A terceira idade e tudo o que lhe é associado não pode nem deve ser tabu. Todos nós para lá caminhamos, alguns já se adiantaram e esperam-nos mais à frente, para nos explicarem como se (sobre)vive numa idade mais avançada. Outros ficaram pelo caminho e por isso serão eternamente jovens — numa fotografia. «Maison de Retraite» poderá ser o destino de cada um de nós. Mas por agora é a história de Nebyinga Kafando, vivida numa tela.
Ficha técnica:
Título provisório : «Maison de retraite» (Lar de idosos)
Género : Ficção
Língua : Francês
Suporte : DVD, chave USB.
Formato : 16/9
Público alvo : todos os públicos
Duração : 13 minutos
Ano de produção : 2016
Conceção/realização : Nebyinga KAFANDO
Produção : ISIS (com o apoio de Africalia)
Biografia (resumida) do realizador:
Ismaël Césaire Nebyinga Kafando tem uma licenciatura em realização pelo Instituto Superior da Imagem e do Som (Institut Supérieur de l’Image et du Son – ISIS) do Burkina Faso.
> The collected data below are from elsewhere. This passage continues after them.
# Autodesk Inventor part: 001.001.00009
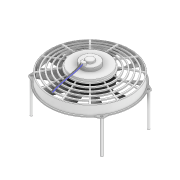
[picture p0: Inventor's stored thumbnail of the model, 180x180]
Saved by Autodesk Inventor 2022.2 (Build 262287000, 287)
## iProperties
Created: 2015-11
Part Number: 001.001.00009
Material: SolidWorks Materials|ABS
Document SubType Name: Modeling
Designer: 18907419
Density: 1.02 g/cm^3
Appearance: Default
Author: 18907419
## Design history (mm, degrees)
feature "Solido1"
feature "Solido2:1"
feature "Solido3:1"
feature "Solido4:1"
feature "Solido5:1"
node "Solido2"
node "Solido3"
node "Solido4"
node "Solido5"
node "Solido6"
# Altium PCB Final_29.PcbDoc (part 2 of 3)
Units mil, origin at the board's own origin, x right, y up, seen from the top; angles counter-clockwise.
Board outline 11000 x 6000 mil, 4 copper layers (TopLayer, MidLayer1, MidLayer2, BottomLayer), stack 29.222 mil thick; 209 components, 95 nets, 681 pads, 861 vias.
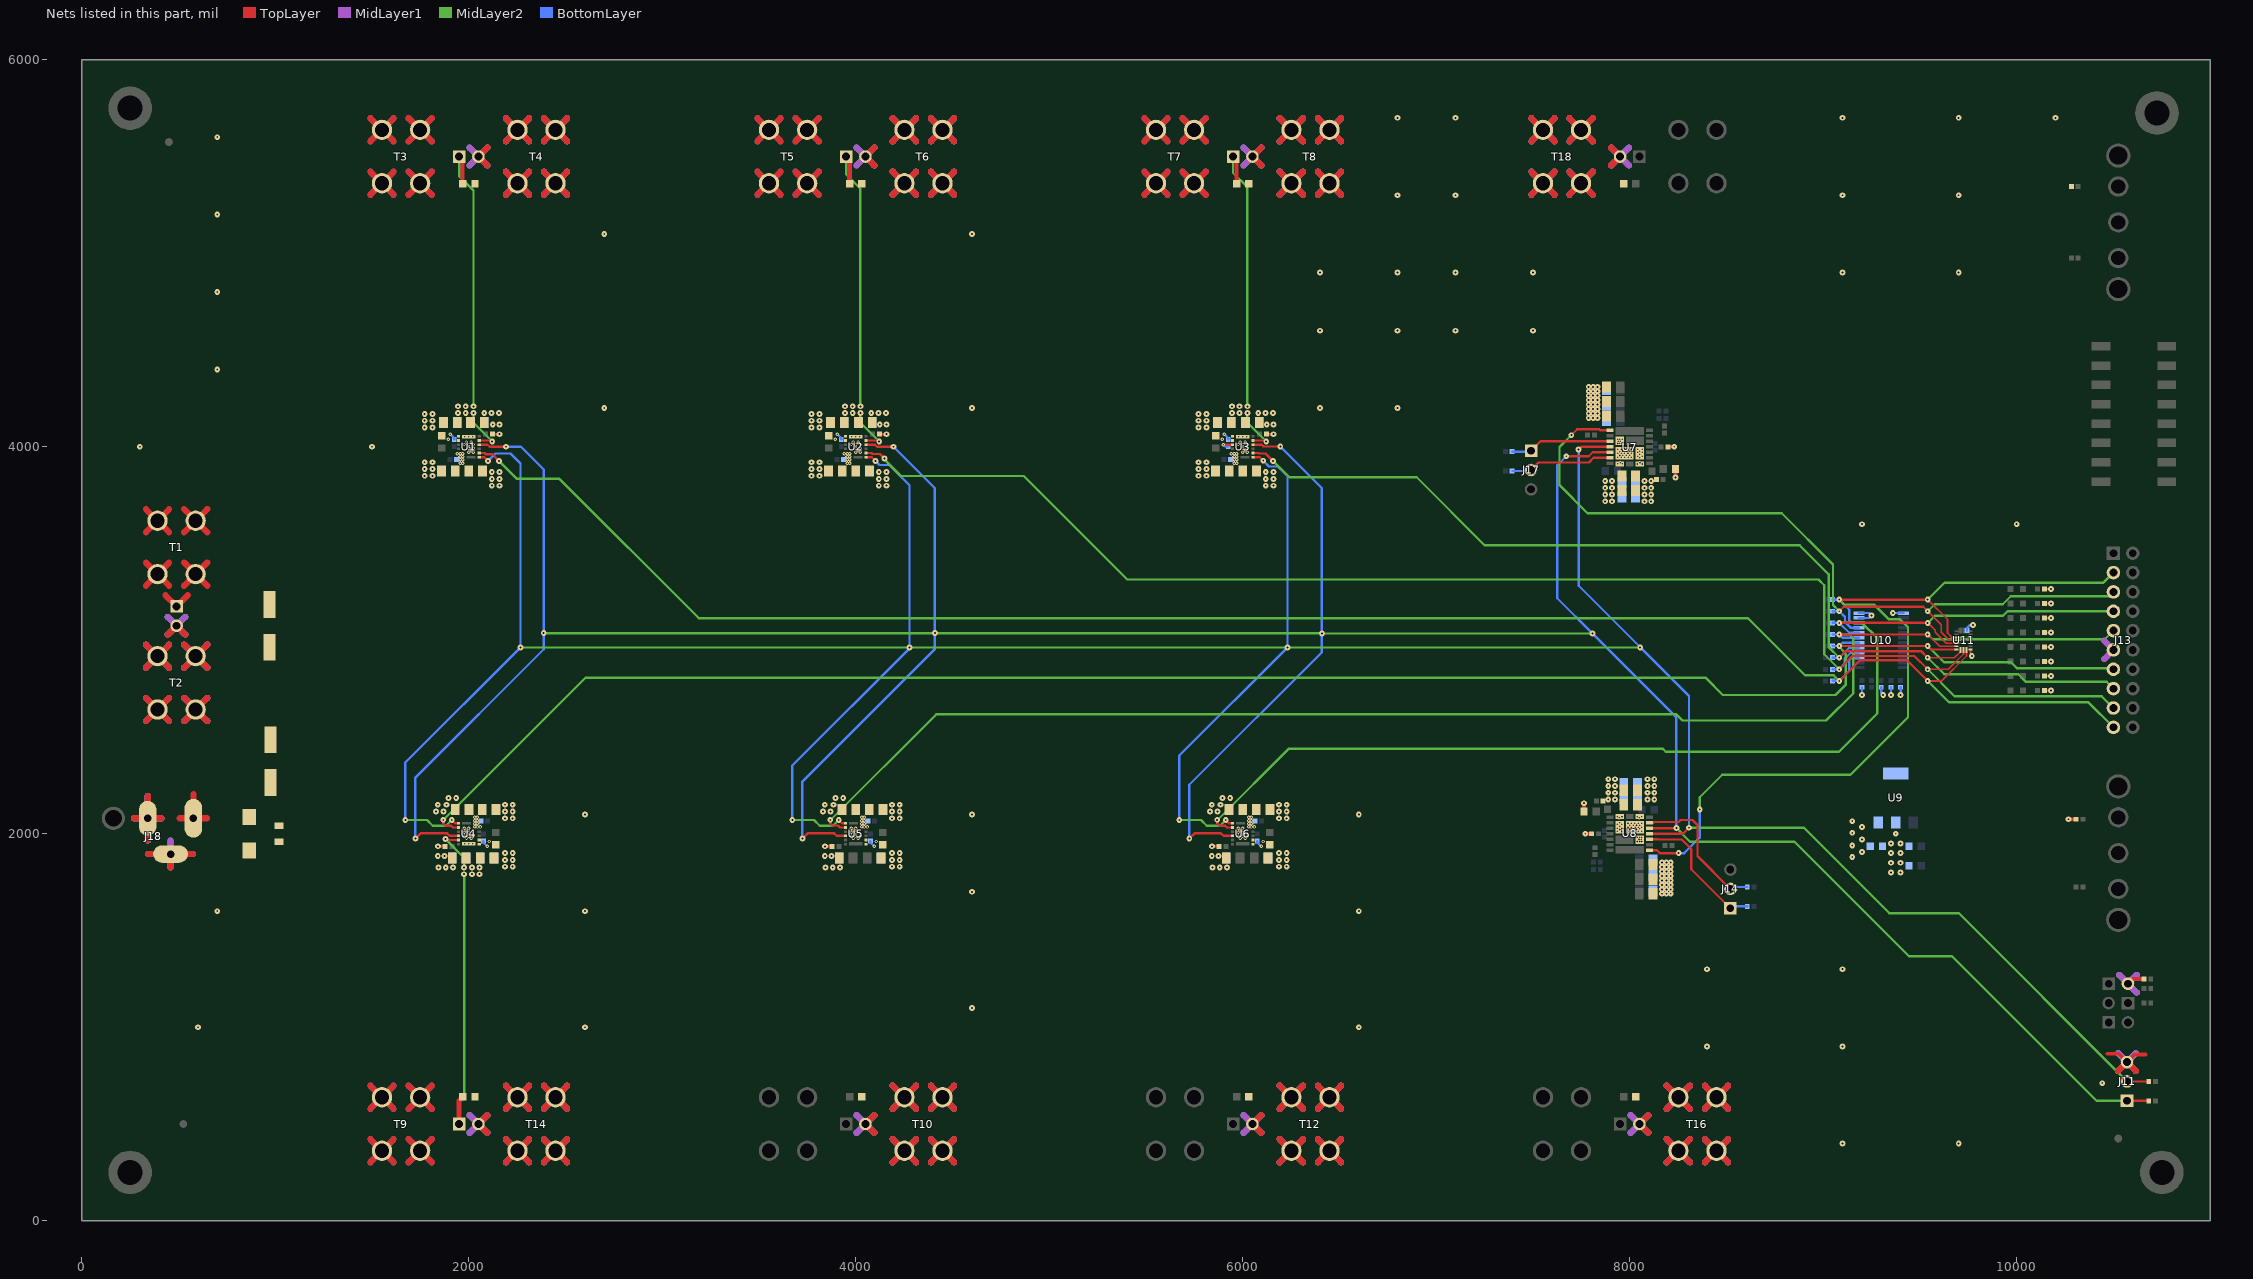
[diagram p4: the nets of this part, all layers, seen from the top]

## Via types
v1: diameter 30, hole 10, TopLayer to BottomLayer, tented both sides, 493 vias
v2: diameter 18, hole 8, TopLayer to BottomLayer, tented both sides, 308 vias
v3: diameter 18, hole 8, TopLayer to BottomLayer, tented bottom, 60 vias

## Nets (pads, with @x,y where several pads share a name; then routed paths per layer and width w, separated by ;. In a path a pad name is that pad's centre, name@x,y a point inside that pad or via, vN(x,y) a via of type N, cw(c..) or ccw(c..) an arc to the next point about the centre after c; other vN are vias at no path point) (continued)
PGND: C1.1 C2.1 C3.1 C4.2 C5.2 C7.1 C8.1 C9.1 C10.2 C11.2 C13.1 C14.1 C15.1 C16.2 C17.2 C19.1 C20.1 C21.1 C22.2 C23.2 C25.1 C26.1 C27.1 C28.1 C29.1 C30.1 C31.2 C32.2 C33.2 C34.2 C38.1 C39.1 C40.1 C41.1 C43.1 C45.1 C47.2 C48.2 C49.2 C50.2 C52.2 C53.2 C101.2 C102.1 C103.1 C104.1 C105.1 C106.1 C107.1 C108.1 C109.1 C110.1 C111.1 C112.1 C113.1 C115.1 C116.1 C118.2 C119.2 C120.2 C122.2 C123.2 C124.2 C125.1 C126.1 C128.1 C129.1 C130.1 C131.1 C132.1 C133.1 C134.1 C135.1 C136.1 C137.1 C138.2 C139.2 C140.2 C141.2 C142.2 C143.2 C144.2 C145.2 C146.2 C147.2 C148.2 C149.2 C150.2 C151.2 D15.1 J1.2 J2.2 J3.2 J4.2 J5.2 J6.2 J7.2 J8.2 J9.2 J11.3 J13.11 J18.2 J18.3 J21.2 NT1.2 NT2.1 R3.1 R6.1 R9.1 R12.1 R18.2 R23.1 R24.1 R65.1 R66.1 R67.1 R68.1 R69.1 R70.1 R71.1 R72.1 R73.1 R75.2 R76.2 T2.1 T2.2 T2.3 T2.4 T4.1 T4.2 T4.3 T4.4 T6.1 T6.2 T6.3 T6.4 T8.1 T8.2 T8.3 T8.4 T10.1 T10.2 T10.3 T10.4 T12.1 T12.2 T12.3 T12.4 T14.1 T14.2 T14.3 T14.4 T16.1 T16.2 T16.3 T16.4 T18.1 T18.2 T18.3 T18.4 U1.8 U1.9 U1.16 U2.8 U2.9 U2.16 U3.8 U3.9 U3.16 U4.8 U4.9 U4.16 U5.8 U5.9 U5.16 U6.8 U6.9 U6.16 U7.16 U7.20 U7.21 U8.16 U8.20 U8.21 U9.2 U9.4 U10.11 U10.12 U10.13 U11.11 V1.1 | length 62999.2
  TopLayer w9: U11.11@9760.7,2952.8 9760.7,2926.3 v1(9768,2919)
  TopLayer w12: v1(1841,1935) R12.1@1877.3,1935 ; R3.1@2122.7,4065 v1(2159,4065) ; v1(3841,1935) R23.1@3877.3,1935 ; R6.1@4122.7,4065 v1(4159,4065) ; v1(5841,1935) R24.1@5877.3,1935 ; R9.1@6122.7,4065 v1(6159,4065) ; R66.1@10142.7,2740 v1(10177.7,2740) ; R67.1@10142.7,2815 v1(10177.7,2815) ; R68.1@10142.7,2890 v1(10177.7,2890) ; R69.1@10142.7,2965 v1(10177.7,2965) ; R70.1@10142.7,3040 v1(10177.7,3040) ; R71.1@10142.7,3115 v1(10177.7,3115) ; R72.1@10142.7,3190 v1(10177.7,3190) ; R73.1@10142.7,3265 v1(10177.7,3265)
  TopLayer w20: C115.1@7763.5,2115 v1(7763.5,2158) ; v1(7770,2000) C116.1@7802.3,2000 ; C45.1@8197.7,4000 v1(8230,4000) ; v1(8236.5,3841) C43.1@8236.5,3885 ; v1(10267.3,2075) R75.2@10307.3,2075 ; 10468,863 10527,863 J11.3@10570,820 10610,860 10666,860 ; J21.2@10575,1225 10600,1250 R76.2@10657.3,1250
  TopLayer w32: 270.4,2080 J18.2@340.5,2080 ; 331.6,2582.1 T2.2@391.5,2642 ; 331.6,2701.9 T2.2@391.5,2642 ; 331.6,2858.1 T2.1@391.5,2918 ; 331.6,2977.9 T2.1@391.5,2918 ; 340.5,1964.9 J18.2@340.5,2080 ; 340.5,2195.1 J18.2@340.5,2080 ; 343.5,1895 J18.3@458.6,1895 ; 410.6,2080 J18.2@340.5,2080 ; 444.3,3029.3 J1.2@490,3075 535.7,3029.3 ; 451.4,2582.1 T2.2@391.5,2642 ; 451.4,2701.9 T2.2@391.5,2642 ; 451.4,2858.1 T2.1@391.5,2918 ; 451.4,2977.9 T2.1@391.5,2918 ; 458.6,1824.9 J18.3@458.6,1895 ; 528.6,2582.1 T2.3@588.5,2642 ; 528.6,2701.9 T2.3@588.5,2642 ; 528.6,2858.1 T2.4@588.5,2918 ; 528.6,2977.9 T2.4@588.5,2918 ; 573.7,1895 J18.3@458.6,1895 ; 648.4,2582.1 T2.3@588.5,2642 ; 648.4,2701.9 T2.3@588.5,2642 ; 648.4,2858.1 T2.4@588.5,2918 ; 648.4,2977.9 T2.4@588.5,2918 ; 2095.7,454.3 J5.2@2050,500 2095.7,545.7 ; 2095.7,5454.3 J2.2@2050,5500 2095.7,5545.7 ; 2191.6,302.1 T14.2@2251.5,362 ; 2191.6,421.9 T14.2@2251.5,362 ; 2191.6,578.1 T14.1@2251.5,638 ; 2191.6,697.9 T14.1@2251.5,638 ; 2191.6,5302.1 T4.2@2251.5,5362 ; 2191.6,5421.9 T4.2@2251.5,5362 ; 2191.6,5578.1 T4.1@2251.5,5638 ; 2191.6,5697.9 T4.1@2251.5,5638 ; 2311.4,302.1 T14.2@2251.5,362 ; 2311.4,421.9 T14.2@2251.5,362 ; 2311.4,578.1 T14.1@2251.5,638 ; 2311.4,697.9 T14.1@2251.5,638 ; 2311.4,5302.1 T4.2@2251.5,5362 ; 2311.4,5421.9 T4.2@2251.5,5362 ; 2311.4,5578.1 T4.1@2251.5,5638 ; 2311.4,5697.9 T4.1@2251.5,5638 ; 2388.6,302.1 T14.3@2448.5,362 ; 2388.6,421.9 T14.3@2448.5,362 ; 2388.6,578.1 T14.4@2448.5,638 ; 2388.6,697.9 T14.4@2448.5,638 ; 2388.6,5302.1 T4.3@2448.5,5362 ; 2388.6,5421.9 T4.3@2448.5,5362 ; 2388.6,5578.1 T4.4@2448.5,5638 ; 2388.6,5697.9 T4.4@2448.5,5638 ; 2508.4,302.1 T14.3@2448.5,362 ; 2508.4,421.9 T14.3@2448.5,362 ; 2508.4,578.1 T14.4@2448.5,638 ; 2508.4,697.9 T14.4@2448.5,638 ; 2508.4,5302.1 T4.3@2448.5,5362 ; 2508.4,5421.9 T4.3@2448.5,5362 ; 2508.4,5578.1 T4.4@2448.5,5638 ; 2508.4,5697.9 T4.4@2448.5,5638 ; 4095.7,454.3 J6.2@4050,500 4095.7,545.7 ; 4095.7,5454.3 J3.2@4050,5500 4095.7,5545.7 ; 4191.6,302.1 T10.2@4251.5,362 ; 4191.6,421.9 T10.2@4251.5,362 ; 4191.6,578.1 T10.1@4251.5,638 ; 4191.6,697.9 T10.1@4251.5,638 ; 4191.6,5302.1 T6.2@4251.5,5362 ; 4191.6,5421.9 T6.2@4251.5,5362 ; 4191.6,5578.1 T6.1@4251.5,5638 ; 4191.6,5697.9 T6.1@4251.5,5638 ; 4311.4,302.1 T10.2@4251.5,362 ; 4311.4,421.9 T10.2@4251.5,362 ; 4311.4,578.1 T10.1@4251.5,638 ; 4311.4,697.9 T10.1@4251.5,638 ; 4311.4,5302.1 T6.2@4251.5,5362 ; 4311.4,5421.9 T6.2@4251.5,5362 ; 4311.4,5578.1 T6.1@4251.5,5638 ; 4311.4,5697.9 T6.1@4251.5,5638 ; 4388.6,302.1 T10.3@4448.5,362 ; 4388.6,421.9 T10.3@4448.5,362 ; 4388.6,578.1 T10.4@4448.5,638 ; 4388.6,697.9 T10.4@4448.5,638 ; 4388.6,5302.1 T6.3@4448.5,5362 ; 4388.6,5421.9 T6.3@4448.5,5362 ; 4388.6,5578.1 T6.4@4448.5,5638 ; 4388.6,5697.9 T6.4@4448.5,5638 ; 4508.4,302.1 T10.3@4448.5,362 ; 4508.4,421.9 T10.3@4448.5,362 ; 4508.4,578.1 T10.4@4448.5,638 ; 4508.4,697.9 T10.4@4448.5,638 ; 4508.4,5302.1 T6.3@4448.5,5362 ; 4508.4,5421.9 T6.3@4448.5,5362 ; 4508.4,5578.1 T6.4@4448.5,5638 ; 4508.4,5697.9 T6.4@4448.5,5638 ; 6095.7,454.3 J7.2@6050,500 6095.7,545.7 ; 6095.7,5454.3 J4.2@6050,5500 6095.7,5545.7 ; 6191.6,302.1 T12.2@6251.5,362 ; 6191.6,421.9 T12.2@6251.5,362 ; 6191.6,578.1 T12.1@6251.5,638 ; 6191.6,697.9 T12.1@6251.5,638 ; 6191.6,5302.1 T8.2@6251.5,5362 ; 6191.6,5421.9 T8.2@6251.5,5362 ; 6191.6,5578.1 T8.1@6251.5,5638 ; 6191.6,5697.9 T8.1@6251.5,5638 ; 6311.4,302.1 T12.2@6251.5,362 ; 6311.4,421.9 T12.2@6251.5,362 ; 6311.4,578.1 T12.1@6251.5,638 ; 6311.4,697.9 T12.1@6251.5,638 ; 6311.4,5302.1 T8.2@6251.5,5362 ; 6311.4,5421.9 T8.2@6251.5,5362 ; 6311.4,5578.1 T8.1@6251.5,5638 ; 6311.4,5697.9 T8.1@6251.5,5638 ; 6388.6,302.1 T12.3@6448.5,362 ; 6388.6,421.9 T12.3@6448.5,362 ; 6388.6,578.1 T12.4@6448.5,638 ; 6388.6,697.9 T12.4@6448.5,638 ; 6388.6,5302.1 T8.3@6448.5,5362 ; 6388.6,5421.9 T8.3@6448.5,5362 ; 6388.6,5578.1 T8.4@6448.5,5638 ; 6388.6,5697.9 T8.4@6448.5,5638 ; 6508.4,302.1 T12.3@6448.5,362 ; 6508.4,421.9 T12.3@6448.5,362 ; 6508.4,578.1 T12.4@6448.5,638 ; 6508.4,697.9 T12.4@6448.5,638 ; 6508.4,5302.1 T8.3@6448.5,5362 ; 6508.4,5421.9 T8.3@6448.5,5362 ; 6508.4,5578.1 T8.4@6448.5,5638 ; 6508.4,5697.9 T8.4@6448.5,5638 ; 7491.6,5302.1 T18.2@7551.5,5362 ; 7491.6,5421.9 T18.2@7551.5,5362 ; 7491.6,5578.1 T18.1@7551.5,5638 ; 7491.6,5697.9 T18.1@7551.5,5638 ; 7611.4,5302.1 T18.2@7551.5,5362 ; 7611.4,5421.9 T18.2@7551.5,5362 ; 7611.4,5578.1 T18.1@7551.5,5638 ; 7611.4,5697.9 T18.1@7551.5,5638 ; 7688.6,5302.1 T18.3@7748.5,5362 ; 7688.6,5421.9 T18.3@7748.5,5362 ; 7688.6,5578.1 T18.4@7748.5,5638 ; 7688.6,5697.9 T18.4@7748.5,5638 ; 7808.4,5302.1 T18.3@7748.5,5362 ; 7808.4,5421.9 T18.3@7748.5,5362 ; 7808.4,5578.1 T18.4@7748.5,5638 ; 7808.4,5697.9 T18.4@7748.5,5638 ; 7904.3,5454.3 J9.2@7950,5500 7904.3,5545.7 ; 8095.7,454.3 J8.2@8050,500 8095.7,545.7 ; 8191.6,302.1 T16.2@8251.5,362 ; 8191.6,421.9 T16.2@8251.5,362 ; 8191.6,578.1 T16.1@8251.5,638 ; 8191.6,697.9 T16.1@8251.5,638 ; 8311.4,302.1 T16.2@8251.5,362 ; 8311.4,421.9 T16.2@8251.5,362 ; 8311.4,578.1 T16.1@8251.5,638 ; 8311.4,697.9 T16.1@8251.5,638 ; 8388.6,302.1 T16.3@8448.5,362 ; 8388.6,421.9 T16.3@8448.5,362 ; 8388.6,578.1 T16.4@8448.5,638 ; 8388.6,697.9 T16.4@8448.5,638 ; 8508.4,302.1 T16.3@8448.5,362 ; 8508.4,421.9 T16.3@8448.5,362 ; 8508.4,578.1 T16.4@8448.5,638 ; 8508.4,697.9 T16.4@8448.5,638 ; 10524.3,774.3 J11.3@10570,820 10615.7,774.3
  MidLayer1 w32: 270.4,2080 J18.2@340.5,2080 ; 331.6,2582.1 T2.2@391.5,2642 ; 331.6,2701.9 T2.2@391.5,2642 ; 331.6,2858.1 T2.1@391.5,2918 ; 331.6,2977.9 T2.1@391.5,2918 ; 340.5,1964.9 J18.2@340.5,2080 ; 340.5,2195.1 J18.2@340.5,2080 ; 343.5,1895 J18.3@458.6,1895 ; 410.6,2080 J18.2@340.5,2080 ; 444.3,3029.3 J1.2@490,3075 ; 444.3,3120.7 J1.2@490,3075 ; 451.4,2582.1 T2.2@391.5,2642 ; 451.4,2701.9 T2.2@391.5,2642 ; 451.4,2858.1 T2.1@391.5,2918 ; 451.4,2977.9 T2.1@391.5,2918 ; 458.6,1824.9 J18.3@458.6,1895 ; 458.6,1965.1 J18.3@458.6,1895 ; 528.6,2582.1 T2.3@588.5,2642 ; 528.6,2701.9 T2.3@588.5,2642 ; 528.6,2858.1 T2.4@588.5,2918 ; 528.6,2977.9 T2.4@588.5,2918 ; 535.7,3029.3 J1.2@490,3075 ; 535.7,3120.7 J1.2@490,3075 ; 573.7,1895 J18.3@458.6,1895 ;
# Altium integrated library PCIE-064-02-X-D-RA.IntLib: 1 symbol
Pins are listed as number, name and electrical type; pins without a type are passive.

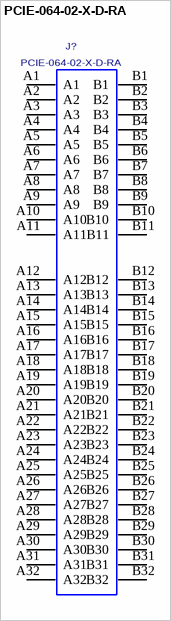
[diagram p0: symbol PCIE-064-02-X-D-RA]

## PCIE-064-02-X-D-RA
designator J?
PCI EXPRESS RIGHT ANGLE ASSEMBLY,64PINS.; MANUFACTURER: SAMTEC
footprint PCIE-064-02-X-D-RA
pins: A1, A2, A3, A4, A5, A6, A7, A8, A9, A10, A11, A12, A13, A14, A15, A16, A17, A18, A19, A20, A21, A22, A23, A24, A25, A26, A27, A28, A29, A30, A31, A32, B1, B2, B3, B4, B5, B6, B7, B8, B9, B10, B11, B12, B13, B14, B15, B16, B17, B18, B19, B20, B21, B22, B23, B24, B25, B26, B27, B28, B29, B30, B31, B32

Primeira curta-metragem realizada em 2014 (premiada no Benin e no Niger). Assistente de realização, nomeadamente em projetos selecionados para o FESPACO 2019 («Duga les charognards», «Le Bonnet de Modibo» e a série televisiva «La team des belles rebelles»).
Alguns prémios e festivais :
- clap ivoire 2017
- melhor filme Fescilom (Festival de cinema de Lomé) 2018
- extra competição FICMEC (Festival Internacional de Curtas Metragens das Escolas de Cinema)
[i] Ficha técnica, biografia do realizador e prémios obtidos: informações gentilmente disponibilizadas pelo cineasta.
[1] LAR DE IDOSOS
[2] O BURKINA FASO, país anfitrião, faz-se representar este ano por 3 curtas-metragens nesta categoria, num total de 16 selecionadas.